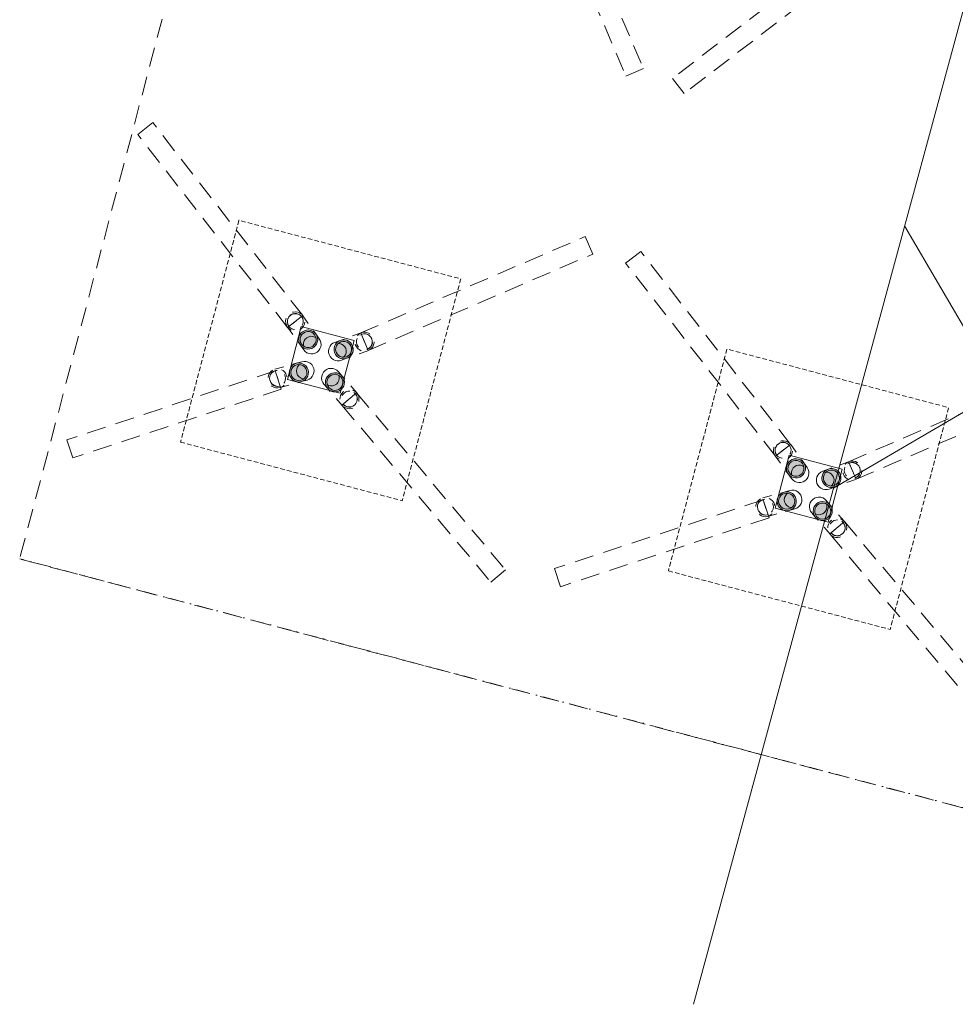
# Model space of a CAD drawing. Header units: millimetres. Extents: x -204291438 to 18864955, y -774833820 to 295284.
# Tile 6 of 87: x 14539 to 26778, y 3918 to 16794. Entities that reach past the tile are written whole.
import ezdxf

# ---------------------------------------------------------------- set-up
doc = ezdxf.new("R2010")
doc.units = ezdxf.units.MM
doc.header["$MEASUREMENT"] = 0
for name, pattern in [('Kropki i Kreski', [360, 180, -90, 0, -90]), ('Przerywana', [240, 120, -120]), ('Przerywana długa', [390, 250, -140]), ('Przerywana gęsta', [90, 60, -30])]:
    doc.linetypes.add(name, pattern=pattern)
for name, color, linetype in [('131-Z Nieprzekraczalna linia zabudowy MPZP', 7, 'Continuous'), ('822-IST-Brama zachodnia belki', 7, 'Continuous'), ('822-IST-Brama zachodnia stropy', 7, 'Continuous'), ('822-IST-Brama zachodnia słupy', 7, 'Continuous')]:
    doc.layers.add(name, color=color, linetype=linetype)

# ---------------------------------------------------------------- blocks, each defined once
blk = doc.blocks.new('Strop_65_3', base_point=(16643, 11270))
at = {"layer": '822-IST-Brama zachodnia stropy', "color": 254, "linetype": 'Przerywana gęsta', "lineweight": 0, "true_color": 0xcccccc, "flags": 128}
blk.add_lwpolyline([(16643, 11270), (19543, 10504), (20309, 13405), (17408, 14171)], close=True, dxfattribs=at)
blk = doc.blocks.new('Strop_66_3', base_point=(23024, 9586))
at = {"layer": '822-IST-Brama zachodnia stropy', "color": 254, "linetype": 'Przerywana gęsta', "lineweight": 0, "true_color": 0xcccccc, "flags": 128}
blk.add_lwpolyline([(23024, 9586), (25925, 8820), (26690, 11721), (23790, 12487)], close=True, dxfattribs=at)
blk = doc.blocks.new('Strop_75_3', base_point=(24422, 10406))
at = {"layer": '822-IST-Brama zachodnia stropy', "color": 254, "linetype": 'Continuous', "lineweight": 0, "true_color": 0xcccccc, "flags": 128}
blk.add_lwpolyline([(24422, 10406), (25114, 10224), (25296, 10915), (24605, 11098)], close=True, dxfattribs=at)
blk = doc.blocks.new('Strop_76_3', base_point=(18041, 12090))
at = {"layer": '822-IST-Brama zachodnia stropy', "color": 254, "linetype": 'Continuous', "lineweight": 0, "true_color": 0xcccccc, "flags": 128}
blk.add_lwpolyline([(18041, 12090), (18732, 11908), (18914, 12599), (18223, 12781)], close=True, dxfattribs=at)
blk = doc.blocks.new('Słup_79_3', base_point=(18612, 12110))
at = {"layer": '822-IST-Brama zachodnia słupy', "linetype": 'Continuous', "lineweight": 0, "true_color": 0x666666}
h = blk.add_hatch(color=251, dxfattribs=at)
h.paths.add_polyline_path([(18757, 12134), (18736, 12153), (18712, 12167), (18685, 12175), (18657, 12177), (18630, 12173), (18604, 12162), (18581, 12147), (18562, 12126), (18548, 12102), (18539, 12075), (18537, 12047), (18542, 12020), (18552, 11993), (18568, 11970), (18588, 11951), (18612, 11937), (18639, 11929), (18667, 11927), (18695, 11931), (18721, 11941), (18744, 11957), (18763, 11978), (18777, 12002), (18785, 12029), (18787, 12057), (18783, 12084), (18773, 12110)])
h.paths.add_polyline_path([(18742, 12121), (18757, 12098), (18765, 12072), (18767, 12044), (18761, 12017), (18749, 11993), (18731, 11972), (18708, 11957), (18682, 11949), (18655, 11947), (18628, 11953), (18603, 11965), (18583, 11983), (18568, 12006), (18559, 12032), (18558, 12060), (18563, 12087), (18575, 12111), (18594, 12132), (18617, 12147), (18643, 12155), (18670, 12157), (18697, 12151), (18721, 12139)], flags=0)
blk.add_hatch(color=251, dxfattribs=at).paths.add_polyline_path([(18742, 12121), (18721, 12139), (18697, 12151), (18670, 12157), (18643, 12155), (18617, 12147), (18594, 12132), (18575, 12111), (18563, 12087), (18558, 12060), (18559, 12032), (18568, 12006), (18583, 11983), (18603, 11965), (18628, 11953), (18655, 11947), (18682, 11949), (18708, 11957), (18731, 11972), (18749, 11993), (18761, 12017), (18767, 12044), (18765, 12072), (18757, 12098)])
at = {"layer": '822-IST-Brama zachodnia słupy', "color": 254, "linetype": 'Continuous', "lineweight": 0, "true_color": 0xcccccc, "flags": 128}
for points in [[(18518, 12028), (18502, 12051), (18492, 12077), (18487, 12105), (18490, 12133), (18498, 12160), (18512, 12184), (18531, 12204), (18554, 12220), (18580, 12231), (18608, 12235), (18635, 12233), (18662, 12224), (18687, 12210), (18707, 12191)], [(18711, 12144), (18716, 12129), (18717, 12102), (18712, 12075), (18699, 12051), (18681, 12030), (18658, 12015), (18632, 12007), (18605, 12005), (18578, 12011), (18564, 12018)], [(18757, 12134), (18707, 12191)], [(18568, 11970), (18518, 12028)]]:
    blk.add_lwpolyline(points, dxfattribs=at)
for points in [[(18537, 12047), (18542, 12020), (18552, 11993), (18568, 11970), (18588, 11951), (18612, 11937), (18639, 11929), (18667, 11927), (18695, 11931), (18721, 11941), (18744, 11957), (18763, 11978), (18777, 12002), (18785, 12029), (18787, 12057), (18783, 12084), (18773, 12110), (18757, 12134), (18736, 12153), (18712, 12167), (18685, 12175), (18657, 12177), (18630, 12173), (18604, 12162), (18581, 12147), (18562, 12126), (18548, 12102), (18539, 12075)], [(18559, 12032), (18568, 12006), (18583, 11983), (18603, 11965), (18628, 11953), (18655, 11947), (18682, 11949), (18708, 11957), (18731, 11972), (18749, 11993), (18761, 12017), (18767, 12044), (18765, 12072), (18757, 12098), (18742, 12121), (18721, 12139), (18697, 12151), (18670, 12157), (18643, 12155), (18617, 12147), (18594, 12132), (18575, 12111), (18563, 12087), (18558, 12060)]]:
    blk.add_lwpolyline(points, close=True, dxfattribs=at)
at = {"layer": '822-IST-Brama zachodnia słupy', "color": 254, "linetype": 'Przerywana', "lineweight": 0, "true_color": 0xcccccc, "flags": 128}
for points in [[(18947, 11914), (18757, 12134)], [(18757, 11750), (18568, 11970)], [(18770, 11767), (18930, 11902)], [(18930, 11902), (18943, 11881)], [(18943, 11881), (18947, 11871), (18953, 11855)], [(18953, 11855), (18954, 11832), (18955, 11827)], [(18771, 11766), (18790, 11749)], [(18790, 11749), (18798, 11745), (18815, 11736)], [(18815, 11736), (18835, 11731)], [(18835, 11731), (18842, 11730)], [(18842, 11730), (18866, 11731)], [(18866, 11731), (18870, 11731)], [(18870, 11731), (18894, 11739)], [(18894, 11739), (18896, 11740)], [(18896, 11740), (18918, 11754)], [(18918, 11754), (18919, 11755)], [(18919, 11755), (18937, 11775)], [(18937, 11775), (18949, 11800)], [(18937, 11775), (18937, 11775)], [(18949, 11801), (18955, 11827)], [(18949, 11800), (18949, 11801)]]:
    blk.add_lwpolyline(points, dxfattribs=at)
for points in [[(18947, 11914), (18962, 11891), (18973, 11865), (18977, 11837), (18975, 11809), (18967, 11782), (18953, 11758), (18934, 11737), (18911, 11722), (18885, 11711), (18857, 11707), (18829, 11709), (18802, 11717), (18778, 11731), (18757, 11750), (18741, 11774), (18731, 11800), (18727, 11827), (18729, 11855), (18737, 11882), (18751, 11906), (18770, 11927), (18793, 11943), (18819, 11953), (18847, 11957), (18875, 11955), (18902, 11947), (18926, 11933)], [(18911, 11919), (18930, 11902), (18931, 11901), (18947, 11878), (18955, 11852), (18957, 11824), (18951, 11797), (18939, 11773), (18921, 11753), (18898, 11737), (18872, 11729), (18844, 11727), (18817, 11733), (18793, 11745), (18772, 11764), (18770, 11767), (18757, 11786), (18749, 11812), (18747, 11840), (18753, 11867), (18765, 11891), (18783, 11912), (18806, 11927), (18832, 11935), (18860, 11937), (18886, 11931)]]:
    blk.add_lwpolyline(points, close=True, dxfattribs=at)
blk = doc.blocks.new('Słup_80_3', base_point=(18264, 12202))
at = {"layer": '822-IST-Brama zachodnia słupy', "linetype": 'Continuous', "lineweight": 0, "true_color": 0x666666}
h = blk.add_hatch(color=251, dxfattribs=at)
h.paths.add_polyline_path([(18224, 12061), (18250, 12071), (18273, 12087), (18292, 12108), (18306, 12132), (18314, 12159), (18316, 12187), (18311, 12215), (18301, 12241), (18285, 12264), (18264, 12282), (18240, 12296), (18213, 12304), (18185, 12306), (18157, 12302), (18131, 12291), (18108, 12275), (18090, 12255), (18076, 12230), (18068, 12203), (18066, 12176), (18070, 12148), (18081, 12122), (18097, 12099), (18117, 12080), (18142, 12066), (18169, 12058), (18196, 12056)])
h.paths.add_polyline_path([(18219, 12080), (18192, 12076), (18164, 12080), (18139, 12090), (18117, 12106), (18100, 12128), (18090, 12153), (18086, 12180), (18089, 12208), (18099, 12233), (18116, 12255), (18138, 12272), (18163, 12282), (18190, 12286), (18217, 12283), (18243, 12273), (18265, 12256), (18281, 12235), (18292, 12209), (18296, 12182), (18293, 12155), (18282, 12130), (18266, 12108), (18244, 12091)], flags=0)
blk.add_hatch(color=251, dxfattribs=at).paths.add_polyline_path([(18219, 12080), (18244, 12091), (18266, 12108), (18282, 12130), (18293, 12155), (18296, 12182), (18292, 12209), (18281, 12235), (18265, 12256), (18243, 12273), (18217, 12283), (18190, 12286), (18163, 12282), (18138, 12272), (18116, 12255), (18099, 12233), (18089, 12208), (18086, 12180), (18090, 12153), (18100, 12128), (18117, 12106), (18139, 12090), (18164, 12080), (18192, 12076)])
at = {"layer": '822-IST-Brama zachodnia słupy', "color": 254, "linetype": 'Przerywana', "lineweight": 0, "true_color": 0xcccccc, "flags": 128}
for points in [[(17878, 12224), (18157, 12302)], [(17810, 12127), (17808, 12103)], [(17818, 12151), (17810, 12131)], [(17810, 12127), (17810, 12131)], [(17818, 12151), (17820, 12156)], [(17831, 12171), (17820, 12156)], [(17831, 12171), (17832, 12172)], [(17882, 12201), (17882, 12201), (17854, 12188), (17832, 12172)], [(17882, 12201), (17947, 12006)], [(17808, 12103), (17808, 12102)], [(17808, 12102), (17812, 12077)], [(17812, 12077), (17813, 12075), (17823, 12051), (17825, 12050), (17841, 12030), (17845, 12027), (17864, 12014), (17875, 12010), (17890, 12004), (17919, 12001), (17928, 12002), (17943, 12005)], [(17944, 11983), (18224, 12061)]]:
    blk.add_lwpolyline(points, dxfattribs=at)
at = {"layer": '822-IST-Brama zachodnia słupy', "color": 254, "linetype": 'Continuous', "lineweight": 0, "true_color": 0xcccccc, "flags": 128}
for points in [[(18070, 12148), (18081, 12122), (18097, 12099), (18117, 12080), (18142, 12066), (18169, 12058), (18196, 12056), (18224, 12061), (18250, 12071), (18273, 12087), (18292, 12108), (18306, 12132), (18314, 12159), (18316, 12187), (18311, 12215), (18301, 12241), (18285, 12264), (18264, 12282), (18240, 12296), (18213, 12304), (18185, 12306), (18157, 12302), (18131, 12291), (18108, 12275), (18090, 12255), (18076, 12230), (18068, 12203), (18066, 12176)], [(18086, 12180), (18090, 12153), (18100, 12128), (18117, 12106), (18139, 12090), (18164, 12080), (18192, 12076), (18219, 12080), (18244, 12091), (18266, 12108), (18282, 12130), (18293, 12155), (18296, 12182), (18292, 12209), (18281, 12235), (18265, 12256), (18243, 12273), (18217, 12283), (18190, 12286), (18163, 12282), (18138, 12272), (18116, 12255), (18099, 12233), (18089, 12208)]]:
    blk.add_lwpolyline(points, close=True, dxfattribs=at)
for points in [[(18157, 12302), (18231, 12322)], [(18253, 12098), (18238, 12100), (18213, 12110), (18191, 12127), (18174, 12148), (18163, 12174), (18159, 12201), (18163, 12228), (18173, 12253), (18189, 12275), (18202, 12285)], [(18231, 12322), (18259, 12326), (18287, 12325), (18313, 12317), (18338, 12303), (18359, 12284), (18374, 12261), (18385, 12235), (18389, 12207), (18387, 12179), (18379, 12153), (18366, 12128), (18347, 12108), (18324, 12092), (18298, 12081)], [(18224, 12061), (18298, 12081)]]:
    blk.add_lwpolyline(points, dxfattribs=at)
at = {"layer": '822-IST-Brama zachodnia słupy', "color": 254, "linetype": 'Przerywana', "lineweight": 0, "true_color": 0xcccccc, "flags": 128}
for points in [[(17944, 11983), (17917, 11979), (17889, 11981), (17862, 11989), (17837, 12003), (17817, 12022), (17801, 12045), (17790, 12071), (17786, 12098), (17788, 12126), (17796, 12153), (17810, 12177), (17829, 12198), (17852, 12214), (17878, 12224), (17905, 12229), (17933, 12227), (17960, 12219), (17984, 12205), (18005, 12186), (18021, 12163), (18031, 12137), (18036, 12110), (18034, 12082), (18026, 12055), (18012, 12030), (17993, 12010), (17970, 11994)], [(17947, 12006), (17939, 12003), (17912, 11999), (17885, 12002), (17859, 12012), (17837, 12029), (17820, 12051), (17810, 12076), (17806, 12103), (17809, 12130), (17820, 12156), (17832, 12172), (17836, 12177), (17858, 12194), (17883, 12205), (17910, 12209), (17937, 12206), (17963, 12195), (17985, 12179), (18002, 12157), (18012, 12132), (18016, 12105), (18013, 12078), (18002, 12052), (17986, 12030), (17964, 12013)]]:
    blk.add_lwpolyline(points, close=True, dxfattribs=at)
blk = doc.blocks.new('Słup_81_3', base_point=(18356, 12550))
at = {"layer": '822-IST-Brama zachodnia słupy', "linetype": 'Continuous', "lineweight": 0, "true_color": 0x666666}
h = blk.add_hatch(color=251, dxfattribs=at)
h.paths.add_polyline_path([(18210, 12539), (18229, 12518), (18252, 12502), (18278, 12491), (18305, 12487), (18333, 12489), (18360, 12496), (18385, 12510), (18405, 12529), (18421, 12552), (18432, 12578), (18437, 12605), (18435, 12633), (18427, 12660), (18413, 12685), (18395, 12705), (18372, 12721), (18346, 12732), (18318, 12737), (18290, 12735), (18263, 12727), (18239, 12713), (18218, 12695), (18202, 12672), (18191, 12646), (18187, 12618), (18189, 12590), (18196, 12563)])
h.paths.add_polyline_path([(18226, 12551), (18213, 12575), (18207, 12602), (18208, 12629), (18216, 12655), (18231, 12678), (18251, 12697), (18275, 12710), (18302, 12716), (18329, 12715), (18355, 12707), (18378, 12693), (18397, 12673), (18410, 12649), (18416, 12622), (18415, 12595), (18407, 12568), (18393, 12545), (18373, 12526), (18349, 12513), (18322, 12507), (18295, 12508), (18268, 12516), (18245, 12531)], flags=0)
blk.add_hatch(color=251, dxfattribs=at).paths.add_polyline_path([(18226, 12551), (18245, 12531), (18268, 12516), (18295, 12508), (18322, 12507), (18349, 12513), (18373, 12526), (18393, 12545), (18407, 12568), (18415, 12595), (18416, 12622), (18410, 12649), (18397, 12673), (18378, 12693), (18355, 12707), (18329, 12715), (18302, 12716), (18275, 12710), (18251, 12697), (18231, 12678), (18216, 12655), (18208, 12629), (18207, 12602), (18213, 12575)])
at = {"layer": '822-IST-Brama zachodnia słupy', "color": 254, "linetype": 'Przerywana', "lineweight": 0, "true_color": 0xcccccc, "flags": 128}
for points in [[(18041, 12775), (18027, 12800), (18020, 12826), (18018, 12854), (18022, 12882), (18033, 12908), (18049, 12931), (18070, 12950), (18094, 12963), (18121, 12971), (18149, 12973), (18177, 12968), (18203, 12958), (18226, 12941), (18244, 12921), (18258, 12896), (18266, 12869), (18268, 12841), (18263, 12814), (18252, 12788), (18236, 12765), (18216, 12746), (18191, 12733), (18164, 12725), (18136, 12723), (18109, 12728), (18083, 12738), (18060, 12754)], [(18228, 12909), (18241, 12885), (18247, 12858), (18246, 12831), (18238, 12804), (18224, 12781), (18204, 12762), (18180, 12750), (18153, 12743), (18126, 12744), (18099, 12752), (18076, 12767), (18060, 12784), (18057, 12787), (18044, 12811), (18038, 12838), (18039, 12865), (18047, 12891), (18062, 12915), (18082, 12933), (18106, 12946), (18132, 12952), (18160, 12952), (18186, 12944), (18209, 12929), (18225, 12912)]]:
    blk.add_lwpolyline(points, close=True, dxfattribs=at)
for points in [[(18047, 12883), (18041, 12863)], [(18047, 12883), (18049, 12889)], [(18061, 12908), (18049, 12889)], [(18060, 12784), (18225, 12912)], [(18061, 12908), (18063, 12912)], [(18080, 12928), (18063, 12912)], [(18080, 12928), (18083, 12931)], [(18104, 12943), (18083, 12931)], [(18104, 12943), (18107, 12944)], [(18132, 12950), (18107, 12944)], [(18132, 12950), (18134, 12950)], [(18134, 12950), (18162, 12949)], [(18162, 12949), (18163, 12949), (18188, 12941)], [(18188, 12941), (18201, 12933), (18212, 12926)], [(18225, 12912), (18212, 12926)], [(18244, 12921), (18413, 12685)], [(18041, 12852), (18040, 12835)], [(18040, 12835), (18045, 12814), (18047, 12808)], [(18041, 12852), (18041, 12863)], [(18041, 12775), (18210, 12539)], [(18047, 12808), (18059, 12785)]]:
    blk.add_lwpolyline(points, dxfattribs=at)
at = {"layer": '822-IST-Brama zachodnia słupy', "color": 254, "linetype": 'Continuous', "lineweight": 0, "true_color": 0xcccccc, "flags": 128}
for points in [[(18189, 12590), (18196, 12563), (18210, 12539), (18229, 12518), (18252, 12502), (18278, 12491), (18305, 12487), (18333, 12489), (18360, 12496), (18385, 12510), (18405, 12529), (18421, 12552), (18432, 12578), (18437, 12605), (18435, 12633), (18427, 12660), (18413, 12685), (18395, 12705), (18372, 12721), (18346, 12732), (18318, 12737), (18290, 12735), (18263, 12727), (18239, 12713), (18218, 12695), (18202, 12672), (18191, 12646), (18187, 12618)], [(18207, 12602), (18213, 12575), (18226, 12551), (18245, 12531), (18268, 12516), (18295, 12508), (18322, 12507), (18349, 12513), (18373, 12526), (18393, 12545), (18407, 12568), (18415, 12595), (18416, 12622), (18410, 12649), (18397, 12673), (18378, 12693), (18355, 12707), (18329, 12715), (18302, 12716), (18275, 12710), (18251, 12697), (18231, 12678), (18216, 12655), (18208, 12629)]]:
    blk.add_lwpolyline(points, close=True, dxfattribs=at)
for points in [[(18255, 12524), (18252, 12539), (18253, 12567), (18261, 12593), (18275, 12616), (18295, 12635), (18319, 12648), (18346, 12654), (18373, 12653), (18400, 12645), (18413, 12637)], [(18458, 12622), (18471, 12598), (18479, 12571), (18481, 12543), (18477, 12516), (18466, 12490), (18450, 12467), (18429, 12448), (18405, 12434), (18378, 12426), (18350, 12425), (18322, 12429), (18296, 12440), (18273, 12456), (18255, 12477)], [(18413, 12685), (18458, 12622)], [(18210, 12539), (18255, 12477)]]:
    blk.add_lwpolyline(points, dxfattribs=at)
blk = doc.blocks.new('Słup_82_3', base_point=(18704, 12458))
at = {"layer": '822-IST-Brama zachodnia słupy', "linetype": 'Continuous', "lineweight": 0, "true_color": 0x666666}
h = blk.add_hatch(color=251, dxfattribs=at)
h.paths.add_polyline_path([(18733, 12601), (18708, 12589), (18687, 12571), (18669, 12549), (18658, 12524), (18652, 12496), (18652, 12468), (18658, 12441), (18671, 12416), (18689, 12394), (18711, 12377), (18736, 12365), (18763, 12359), (18791, 12360), (18819, 12366), (18844, 12379), (18865, 12396), (18883, 12419), (18895, 12444), (18900, 12471), (18900, 12499), (18894, 12526), (18881, 12552), (18864, 12573), (18841, 12590), (18816, 12602), (18789, 12608), (18761, 12608)])
h.paths.add_polyline_path([(18740, 12583), (18767, 12588), (18794, 12587), (18821, 12579), (18844, 12564), (18862, 12544), (18875, 12520), (18881, 12493), (18879, 12465), (18871, 12439), (18856, 12416), (18836, 12398), (18812, 12385), (18785, 12379), (18758, 12380), (18731, 12389), (18708, 12403), (18690, 12424), (18677, 12448), (18671, 12475), (18673, 12502), (18681, 12528), (18696, 12551), (18716, 12570)], flags=0)
blk.add_hatch(color=251, dxfattribs=at).paths.add_polyline_path([(18740, 12583), (18716, 12570), (18696, 12551), (18681, 12528), (18673, 12502), (18671, 12475), (18677, 12448), (18690, 12424), (18708, 12403), (18731, 12389), (18758, 12380), (18785, 12379), (18812, 12385), (18836, 12398), (18856, 12416), (18871, 12439), (18879, 12465), (18881, 12493), (18875, 12520), (18862, 12544), (18844, 12564), (18821, 12579), (18794, 12587), (18767, 12588)])
at = {"layer": '822-IST-Brama zachodnia słupy', "color": 254, "linetype": 'Przerywana', "lineweight": 0, "true_color": 0xcccccc, "flags": 128}
for points in [[(19007, 12700), (18733, 12601)], [(19008, 12679), (19090, 12487)], [(19011, 12680), (19036, 12686)], [(19041, 12686), (19036, 12686)], [(19041, 12686), (19065, 12685)], [(19079, 12680), (19065, 12685)], [(19079, 12680), (19091, 12677)], [(19107, 12667), (19091, 12677)], [(19107, 12667), (19114, 12662)], [(19128, 12647), (19114, 12662)], [(19128, 12647), (19133, 12642)], [(19143, 12623), (19133, 12642)], [(19143, 12623), (19145, 12618)], [(19090, 12487), (19105, 12495)], [(19105, 12495), (19116, 12505), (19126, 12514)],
━━━━━━━━━━━━━━━━━━━━━━━━━━━━━━
* [Exercise aim]
Go through the records above, find every line with the word "units", and list those lines.

* [Task answer]
# Model space of a CAD drawing. Header units: millimetres. Extents: x -204291438 to 18864955, y -774833820 to 295284.
doc.units = ezdxf.units.MM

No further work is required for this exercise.